= Extracted data entries =

=== Section Start ===

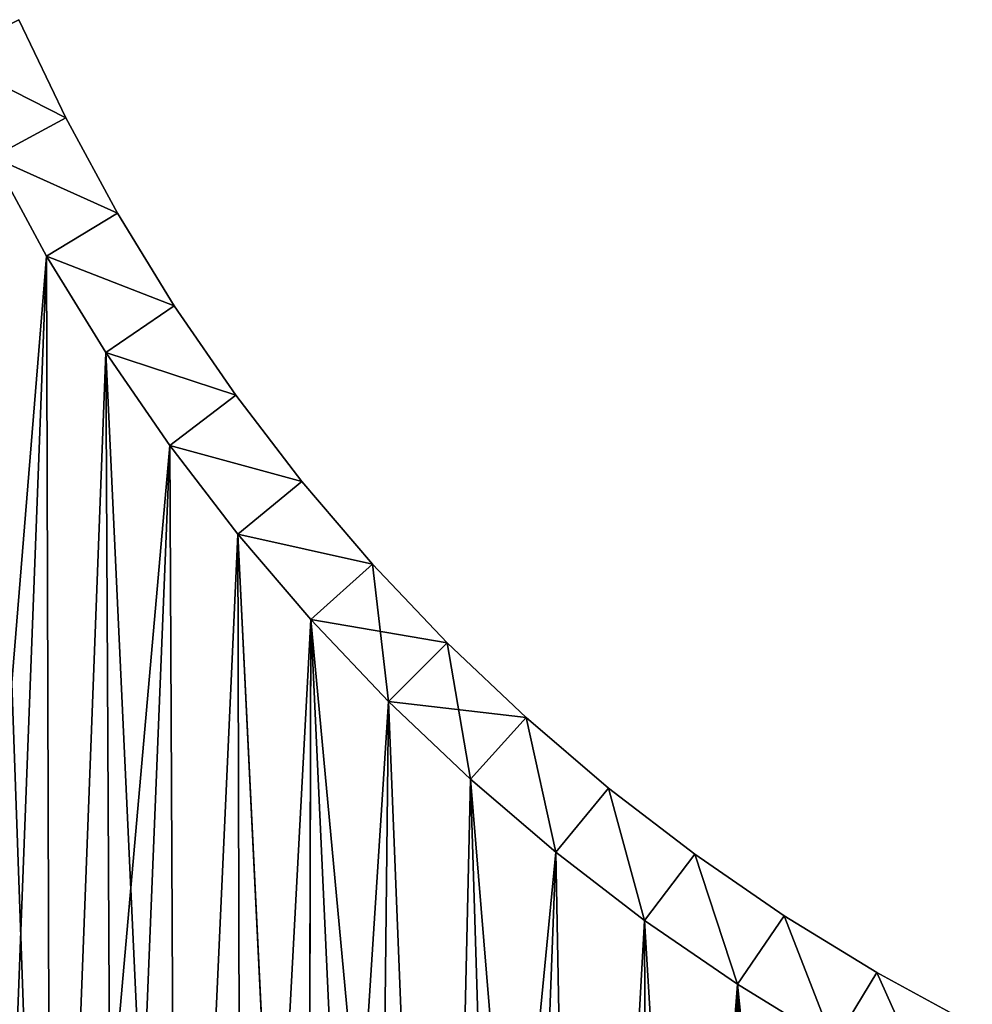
# Model space of a CAD drawing. Header units: millimetres. Extents: x -45.8 to 32.5, y -38.6 to 44.
# Tile 652 of 656: x -11.4 to -5.7, y -11 to -5.1. Entities that reach past the tile are written whole.
import ezdxf

# ---------------------------------------------------------------- set-up
doc = ezdxf.new("R2010")
doc.units = ezdxf.units.MM
doc.header["$LTSCALE"] = 33.374815
for name, color, linetype in [('270', 7, 'CONTINUOUS'), ('273', 7, 'CONTINUOUS'), ('275', 7, 'CONTINUOUS'), ('276', 7, 'CONTINUOUS'), ('279', 7, 'CONTINUOUS'), ('281', 7, 'CONTINUOUS'), ('284', 7, 'CONTINUOUS'), ('286', 7, 'CONTINUOUS'), ('287', 7, 'CONTINUOUS'), ('290', 7, 'CONTINUOUS')]:
    doc.layers.add(name, color=color, linetype=linetype)

msp = doc.modelspace()

# ---------------------------------------------------------------- linework, layer by layer
at = {"layer": '270', "linetype": 'CONTINUOUS'}
for points in [[(-11.2527, -6.5088, -255), (-11.9625, -15.2085, -255), (-11.5775, -5.9126, -255), (-11.2527, -6.5088, -255)], [(-11.2257, -15.7607, -255), (-11.9625, -15.2085, -255), (-11.2527, -6.5088, -255), (-11.2257, -15.7607, -255)], [(-10.8962, -7.0891, -255), (-11.2257, -15.7607, -255), (-11.2527, -6.5088, -255), (-10.8962, -7.0891, -255)], [(-10.511, -7.6492, -255), (-11.2257, -15.7607, -255), (-10.8962, -7.0891, -255), (-10.511, -7.6492, -255)], [(-10.4672, -16.2744, -255), (-11.2257, -15.7607, -255), (-10.511, -7.6492, -255), (-10.4672, -16.2744, -255)], [(-10.0999, -8.1848, -255), (-10.4672, -16.2744, -255), (-10.511, -7.6492, -255), (-10.0999, -8.1848, -255)], [(-9.6818, -16.7531, -255), (-10.4672, -16.2744, -255), (-10.0999, -8.1848, -255), (-9.6818, -16.7531, -255)], [(-9.6602, -8.6989, -255), (-9.6818, -16.7531, -255), (-10.0999, -8.1848, -255), (-9.6602, -8.6989, -255)], [(-9.1919, -9.1919, -255), (-9.6818, -16.7531, -255), (-9.6602, -8.6989, -255), (-9.1919, -9.1919, -255)], [(-8.872, -17.1956, -255), (-9.6818, -16.7531, -255), (-9.1919, -9.1919, -255), (-8.872, -17.1956, -255)], [(-8.6989, -9.6602, -255), (-8.872, -17.1956, -255), (-9.1919, -9.1919, -255), (-8.6989, -9.6602, -255)], [(-8.1848, -10.0999, -255), (-8.872, -17.1956, -255), (-8.6989, -9.6602, -255), (-8.1848, -10.0999, -255)], [(-8.0432, -17.5989, -255), (-8.872, -17.1956, -255), (-8.1848, -10.0999, -255), (-8.0432, -17.5989, -255)], [(-7.6492, -10.511, -255), (-8.0432, -17.5989, -255), (-8.1848, -10.0999, -255), (-7.6492, -10.511, -255)], [(-7.2004, -17.9604, -255), (-8.0432, -17.5989, -255), (-7.6492, -10.511, -255), (-7.2004, -17.9604, -255)], [(-7.0891, -10.8962, -255), (-7.2004, -17.9604, -255), (-7.6492, -10.511, -255), (-7.0891, -10.8962, -255)], [(-6.5088, -11.2527, -255), (-7.2004, -17.9604, -255), (-7.0891, -10.8962, -255), (-6.5088, -11.2527, -255)]]:
    msp.add_3dface(points, dxfattribs=at)
at = {"layer": '273', "linetype": 'CONTINUOUS'}
for points in [[(-11.5972, -15.4891, -234), (-11.226, -15.7605, -234), (-11.5775, -5.9126, -234), (-11.5972, -15.4891, -234)], [(-11.5775, -5.9126, -234), (-11.226, -15.7605, -234), (-11.2527, -6.5088, -234), (-11.5775, -5.9126, -234)], [(-11.2527, -6.5088, -234), (-11.226, -15.7605, -234), (-10.8962, -7.0891, -234), (-11.2527, -6.5088, -234)], [(-11.226, -15.7605, -234), (-10.8495, -16.0222, -234), (-10.8962, -7.0891, -234), (-11.226, -15.7605, -234)], [(-10.8962, -7.0891, -234), (-10.8495, -16.0222, -234), (-10.511, -7.6492, -234), (-10.8962, -7.0891, -234)], [(-10.8495, -16.0222, -234), (-10.4675, -16.2742, -234), (-10.511, -7.6492, -234), (-10.8495, -16.0222, -234)], [(-10.511, -7.6492, -234), (-10.4675, -16.2742, -234), (-10.0999, -8.1848, -234), (-10.511, -7.6492, -234)], [(-10.4675, -16.2742, -234), (-10.0781, -16.5179, -234), (-10.0999, -8.1848, -234), (-10.4675, -16.2742, -234)], [(-10.0999, -8.1848, -234), (-9.682, -16.7529, -234), (-9.6602, -8.6989, -234), (-10.0999, -8.1848, -234)], [(-10.0781, -16.5179, -234), (-9.682, -16.7529, -234), (-10.0999, -8.1848, -234), (-10.0781, -16.5179, -234)], [(-9.682, -16.7529, -234), (-9.2798, -16.9789, -234), (-9.6602, -8.6989, -234), (-9.682, -16.7529, -234)], [(-9.6602, -8.6989, -234), (-9.2798, -16.9789, -234), (-9.1919, -9.1919, -234), (-9.6602, -8.6989, -234)], [(-9.2798, -16.9789, -234), (-8.8722, -17.1954, -234), (-9.1919, -9.1919, -234), (-9.2798, -16.9789, -234)], [(-9.1919, -9.1919, -234), (-8.8722, -17.1954, -234), (-8.6989, -9.6602, -234), (-9.1919, -9.1919, -234)], [(-8.8722, -17.1954, -234), (-8.4599, -17.4022, -234), (-8.6989, -9.6602, -234), (-8.8722, -17.1954, -234)], [(-8.6989, -9.6602, -234), (-8.4599, -17.4022, -234), (-8.1848, -10.0999, -234), (-8.6989, -9.6602, -234)], [(-8.4599, -17.4022, -234), (-8.0434, -17.5988, -234), (-8.1848, -10.0999, -234), (-8.4599, -17.4022, -234)], [(-8.1848, -10.0999, -234), (-8.0434, -17.5988, -234), (-7.6492, -10.511, -234), (-8.1848, -10.0999, -234)], [(-8.0434, -17.5988, -234), (-7.6236, -17.7849, -234), (-7.6492, -10.511, -234), (-8.0434, -17.5988, -234)], [(-7.6492, -10.511, -234), (-7.2006, -17.9603, -234), (-7.0891, -10.8962, -234), (-7.6492, -10.511, -234)], [(-7.6236, -17.7849, -234), (-7.2006, -17.9603, -234), (-7.6492, -10.511, -234), (-7.6236, -17.7849, -234)], [(-7.2006, -17.9603, -234), (-6.7722, -18.1259, -234), (-7.0891, -10.8962, -234), (-7.2006, -17.9603, -234)], [(-7.0891, -10.8962, -234), (-6.7722, -18.1259, -234), (-6.5088, -11.2527, -234), (-7.0891, -10.8962, -234)]]:
    msp.add_3dface(points, dxfattribs=at)
at = {"layer": '275', "linetype": 'CONTINUOUS'}
for points in [[(-11.4193, -5.0842, -234.5), (-11.869, -5.303, -234), (-11.1376, -5.6749, -234.5), (-11.4193, -5.0842, -234.5)], [(-11.869, -5.303, -234), (-11.5775, -5.9126, -234), (-11.1376, -5.6749, -234.5), (-11.869, -5.303, -234)], [(-11.1376, -5.6749, -234.5), (-11.5775, -5.9126, -234), (-10.8253, -6.25, -234.5), (-11.1376, -5.6749, -234.5)], [(-11.5775, -5.9126, -234), (-11.2527, -6.5088, -234), (-10.8253, -6.25, -234.5), (-11.5775, -5.9126, -234)], [(-10.8253, -6.25, -234.5), (-11.2527, -6.5088, -234), (-10.4834, -6.808, -234.5), (-10.8253, -6.25, -234.5)], [(-11.2527, -6.5088, -234), (-10.8962, -7.0891, -234), (-10.4834, -6.808, -234.5), (-11.2527, -6.5088, -234)], [(-10.4834, -6.808, -234.5), (-10.8962, -7.0891, -234), (-10.1127, -7.3473, -234.5), (-10.4834, -6.808, -234.5)], [(-10.8962, -7.0891, -234), (-10.511, -7.6492, -234), (-10.1127, -7.3473, -234.5), (-10.8962, -7.0891, -234)], [(-10.1127, -7.3473, -234.5), (-10.511, -7.6492, -234), (-9.7143, -7.8665, -234.5), (-10.1127, -7.3473, -234.5)], [(-10.511, -7.6492, -234), (-10.0999, -8.1848, -234), (-9.7143, -7.8665, -234.5), (-10.511, -7.6492, -234)], [(-9.7143, -7.8665, -234.5), (-10.0999, -8.1848, -234), (-9.2893, -8.3641, -234.5), (-9.7143, -7.8665, -234.5)], [(-10.0999, -8.1848, -234), (-9.6602, -8.6989, -234), (-9.2893, -8.3641, -234.5), (-10.0999, -8.1848, -234)], [(-9.6602, -8.6989, -234), (-9.1919, -9.1919, -234), (-9.2893, -8.3641, -234.5), (-9.6602, -8.6989, -234)], [(-9.2893, -8.3641, -234.5), (-9.1919, -9.1919, -234), (-8.8388, -8.8388, -234.5), (-9.2893, -8.3641, -234.5)], [(-9.1919, -9.1919, -234), (-8.6989, -9.6602, -234), (-8.8388, -8.8388, -234.5), (-9.1919, -9.1919, -234)], [(-8.8388, -8.8388, -234.5), (-8.6989, -9.6602, -234), (-8.3641, -9.2893, -234.5), (-8.8388, -8.8388, -234.5)], [(-8.6989, -9.6602, -234), (-8.1848, -10.0999, -234), (-8.3641, -9.2893, -234.5), (-8.6989, -9.6602, -234)], [(-8.3641, -9.2893, -234.5), (-8.1848, -10.0999, -234), (-7.8665, -9.7143, -234.5), (-8.3641, -9.2893, -234.5)], [(-8.1848, -10.0999, -234), (-7.6492, -10.511, -234), (-7.8665, -9.7143, -234.5), (-8.1848, -10.0999, -234)], [(-7.8665, -9.7143, -234.5), (-7.6492, -10.511, -234), (-7.3473, -10.1127, -234.5), (-7.8665, -9.7143, -234.5)], [(-7.6492, -10.511, -234), (-7.0891, -10.8962, -234), (-7.3473, -10.1127, -234.5), (-7.6492, -10.511, -234)], [(-7.3473, -10.1127, -234.5), (-7.0891, -10.8962, -234), (-6.808, -10.4834, -234.5), (-7.3473, -10.1127, -234.5)], [(-7.0891, -10.8962, -234), (-6.5088, -11.2527, -234), (-6.808, -10.4834, -234.5), (-7.0891, -10.8962, -234)], [(-6.808, -10.4834, -234.5), (-6.5088, -11.2527, -234), (-6.25, -10.8253, -234.5), (-6.808, -10.4834, -234.5)], [(-6.5088, -11.2527, -234), (-5.9126, -11.5775, -234), (-6.25, -10.8253, -234.5), (-6.5088, -11.2527, -234)], [(-6.25, -10.8253, -234.5), (-5.9126, -11.5775, -234), (-5.6749, -11.1376, -234.5), (-6.25, -10.8253, -234.5)]]:
    msp.add_3dface(points, dxfattribs=at)
at = {"layer": '276', "linetype": 'CONTINUOUS'}
for points in [[(-11.4193, -5.0842, -234.5), (-11.1376, -5.6749, -234.5), (-11.4193, -5.0842, -254.5), (-11.4193, -5.0842, -234.5)], [(-11.4193, -5.0842, -254.5), (-11.1376, -5.6749, -234.5), (-11.1376, -5.6749, -254.5), (-11.4193, -5.0842, -254.5)], [(-11.1376, -5.6749, -234.5), (-10.8253, -6.25, -234.5), (-11.1376, -5.6749, -254.5), (-11.1376, -5.6749, -234.5)], [(-11.1376, -5.6749, -254.5), (-10.8253, -6.25, -234.5), (-10.8253, -6.25, -254.5), (-11.1376, -5.6749, -254.5)], [(-10.8253, -6.25, -234.5), (-10.4834, -6.808, -234.5), (-10.8253, -6.25, -254.5), (-10.8253, -6.25, -234.5)], [(-10.8253, -6.25, -254.5), (-10.4834, -6.808, -234.5), (-10.4834, -6.808, -254.5), (-10.8253, -6.25, -254.5)], [(-10.4834, -6.808, -234.5), (-10.1127, -7.3473, -234.5), (-10.4834, -6.808, -254.5), (-10.4834, -6.808, -234.5)], [(-10.4834, -6.808, -254.5), (-10.1127, -7.3473, -234.5), (-10.1127, -7.3473, -254.5), (-10.4834, -6.808, -254.5)], [(-10.1127, -7.3473, -234.5), (-9.7143, -7.8665, -234.5), (-10.1127, -7.3473, -254.5), (-10.1127, -7.3473, -234.5)], [(-10.1127, -7.3473, -254.5), (-9.7143, -7.8665, -234.5), (-9.7143, -7.8665, -254.5), (-10.1127, -7.3473, -254.5)], [(-9.7143, -7.8665, -234.5), (-9.2893, -8.3641, -234.5), (-9.7143, -7.8665, -254.5), (-9.7143, -7.8665, -234.5)], [(-9.7143, -7.8665, -254.5), (-9.2893, -8.3641, -234.5), (-9.2893, -8.3641, -254.5), (-9.7143, -7.8665, -254.5)], [(-9.2893, -8.3641, -234.5), (-8.8388, -8.8388, -234.5), (-9.2893, -8.3641, -254.5), (-9.2893, -8.3641, -234.5)], [(-9.2893, -8.3641, -254.5), (-8.8388, -8.8388, -234.5), (-8.8388, -8.8388, -254.5), (-9.2893, -8.3641, -254.5)], [(-8.8388, -8.8388, -234.5), (-8.3641, -9.2893, -234.5), (-8.8388, -8.8388, -254.5), (-8.8388, -8.8388, -234.5)], [(-8.8388, -8.8388, -254.5), (-8.3641, -9.2893, -234.5), (-8.3641, -9.2893, -254.5), (-8.8388, -8.8388, -254.5)], [(-8.3641, -9.2893, -234.5), (-7.8665, -9.7143, -234.5), (-8.3641, -9.2893, -254.5), (-8.3641, -9.2893, -234.5)], [(-8.3641, -9.2893, -254.5), (-7.8665, -9.7143, -234.5), (-7.8665, -9.7143, -254.5), (-8.3641, -9.2893, -254.5)], [(-7.8665, -9.7143, -234.5), (-7.3473, -10.1127, -234.5), (-7.8665, -9.7143, -254.5), (-7.8665, -9.7143, -234.5)], [(-7.8665, -9.7143, -254.5), (-7.3473, -10.1127, -234.5), (-7.3473, -10.1127, -254.5), (-7.8665, -9.7143, -254.5)], [(-7.3473, -10.1127, -234.5), (-6.808, -10.4834, -234.5), (-7.3473, -10.1127, -254.5), (-7.3473, -10.1127, -234.5)], [(-7.3473, -10.1127, -254.5), (-6.808, -10.4834, -234.5), (-6.808, -10.4834, -254.5), (-7.3473, -10.1127, -254.5)], [(-6.808, -10.4834, -234.5), (-6.25, -10.8253, -234.5), (-6.808, -10.4834, -254.5), (-6.808, -10.4834, -234.5)], [(-6.808, -10.4834, -254.5), (-6.25, -10.8253, -234.5), (-6.25, -10.8253, -254.5), (-6.808, -10.4834, -254.5)], [(-6.25, -10.8253, -234.5), (-5.6749, -11.1376, -234.5), (-6.25, -10.8253, -254.5), (-6.25, -10.8253, -234.5)], [(-6.25, -10.8253, -254.5), (-5.6749, -11.1376, -234.5), (-5.6749, -11.1376, -254.5), (-6.25, -10.8253, -254.5)]]:
    msp.add_3dface(points, dxfattribs=at)
at = {"layer": '279', "linetype": 'CONTINUOUS'}
for points in [[(-11.869, -5.303, -255), (-11.4193, -5.0842, -254.5), (-11.1376, -5.6749, -254.5), (-11.869, -5.303, -255)], [(-11.5775, -5.9126, -255), (-11.869, -5.303, -255), (-11.1376, -5.6749, -254.5), (-11.5775, -5.9126, -255)], [(-11.5775, -5.9126, -255), (-11.1376, -5.6749, -254.5), (-10.8253, -6.25, -254.5), (-11.5775, -5.9126, -255)], [(-11.2527, -6.5088, -255), (-11.5775, -5.9126, -255), (-10.8253, -6.25, -254.5), (-11.2527, -6.5088, -255)], [(-11.2527, -6.5088, -255), (-10.8253, -6.25, -254.5), (-10.4834, -6.808, -254.5), (-11.2527, -6.5088, -255)], [(-10.8962, -7.0891, -255), (-11.2527, -6.5088, -255), (-10.4834, -6.808, -254.5), (-10.8962, -7.0891, -255)], [(-10.8962, -7.0891, -255), (-10.4834, -6.808, -254.5), (-10.1127, -7.3473, -254.5), (-10.8962, -7.0891, -255)], [(-10.511, -7.6492, -255), (-10.8962, -7.0891, -255), (-10.1127, -7.3473, -254.5), (-10.511, -7.6492, -255)], [(-10.511, -7.6492, -255), (-10.1127, -7.3473, -254.5), (-9.7143, -7.8665, -254.5), (-10.511, -7.6492, -255)], [(-10.0999, -8.1848, -255), (-10.511, -7.6492, -255), (-9.7143, -7.8665, -254.5), (-10.0999, -8.1848, -255)], [(-10.0999, -8.1848, -255), (-9.7143, -7.8665, -254.5), (-9.2893, -8.3641, -254.5), (-10.0999, -8.1848, -255)], [(-9.6602, -8.6989, -255), (-10.0999, -8.1848, -255), (-9.2893, -8.3641, -254.5), (-9.6602, -8.6989, -255)], [(-9.6602, -8.6989, -255), (-9.2893, -8.3641, -254.5), (-8.8388, -8.8388, -254.5), (-9.6602, -8.6989, -255)], [(-9.1919, -9.1919, -255), (-9.6602, -8.6989, -255), (-8.8388, -8.8388, -254.5), (-9.1919, -9.1919, -255)], [(-9.1919, -9.1919, -255), (-8.8388, -8.8388, -254.5), (-8.3641, -9.2893, -254.5), (-9.1919, -9.1919, -255)], [(-8.6989, -9.6602, -255), (-9.1919, -9.1919, -255), (-8.3641, -9.2893, -254.5), (-8.6989, -9.6602, -255)], [(-8.1848, -10.0999, -255), (-8.6989, -9.6602, -255), (-8.3641, -9.2893, -254.5), (-8.1848, -10.0999, -255)], [(-8.1848, -10.0999, -255), (-8.3641, -9.2893, -254.5), (-7.8665, -9.7143, -254.5), (-8.1848, -10.0999, -255)], [(-7.6492, -10.511, -255), (-8.1848, -10.0999, -255), (-7.8665, -9.7143, -254.5), (-7.6492, -10.511, -255)], [(-7.6492, -10.511, -255), (-7.8665, -9.7143, -254.5), (-7.3473, -10.1127, -254.5), (-7.6492, -10.511, -255)], [(-7.0891, -10.8962, -255), (-7.6492, -10.511, -255), (-7.3473, -10.1127, -254.5), (-7.0891, -10.8962, -255)], [(-7.0891, -10.8962, -255), (-7.3473, -10.1127, -254.5), (-6.808, -10.4834, -254.5), (-7.0891, -10.8962, -255)], [(-6.5088, -11.2527, -255), (-7.0891, -10.8962, -255), (-6.808, -10.4834, -254.5), (-6.5088, -11.2527, -255)], [(-6.5088, -11.2527, -255), (-6.808, -10.4834, -254.5), (-6.25, -10.8253, -254.5), (-6.5088, -11.2527, -255)], [(-5.9126, -11.5775, -255), (-6.5088, -11.2527, -255), (-6.25, -10.8253, -254.5), (-5.9126, -11.5775, -255)], [(-5.9126, -11.5775, -255), (-6.25, -10.8253, -254.5), (-5.6749, -11.1376, -254.5), (-5.9126, -11.5775, -255)]]:
    msp.add_3dface(points, dxfattribs=at)
at = {"layer": '281', "linetype": 'CONTINUOUS'}
for points in [[(-11.9627, -15.2083, 255), (-11.226, -15.7605, 255), (-11.869, -5.303, 255), (-11.9627, -15.2083, 255)], [(-11.869, -5.303, 255), (-11.226, -15.7605, 255), (-11.5775, -5.9126, 255), (-11.869, -5.303, 255)], [(-11.5775, -5.9126, 255), (-11.226, -15.7605, 255), (-11.2527, -6.5088, 255), (-11.5775, -5.9126, 255)], [(-11.2527, -6.5088, 255), (-11.226, -15.7605, 255), (-10.8962, -7.0891, 255), (-11.2527, -6.5088, 255)], [(-11.226, -15.7605, 255), (-10.4675, -16.2742, 255), (-10.8962, -7.0891, 255), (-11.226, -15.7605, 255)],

=== Section End ===

= EXERCISE REQUIREMENTS =
From the records above, copy each line that contains the word "CONTINUOUS".

= ANSWER FOR THE TASK =
for name, color, linetype in [('270', 7, 'CONTINUOUS'), ('273', 7, 'CONTINUOUS'), ('275', 7, 'CONTINUOUS'), ('276', 7, 'CONTINUOUS'), ('279', 7, 'CONTINUOUS'), ('281', 7, 'CONTINUOUS'), ('284', 7, 'CONTINUOUS'), ('286', 7, 'CONTINUOUS'), ('287', 7, 'CONTINUOUS'), ('290', 7, 'CONTINUOUS')]:
at = {"layer": '270', "linetype": 'CONTINUOUS'}
at = {"layer": '273', "linetype": 'CONTINUOUS'}
at = {"layer": '275', "linetype": 'CONTINUOUS'}
at = {"layer": '276', "linetype": 'CONTINUOUS'}
at = {"layer": '279', "linetype": 'CONTINUOUS'}
at = {"layer": '281', "linetype": 'CONTINUOUS'}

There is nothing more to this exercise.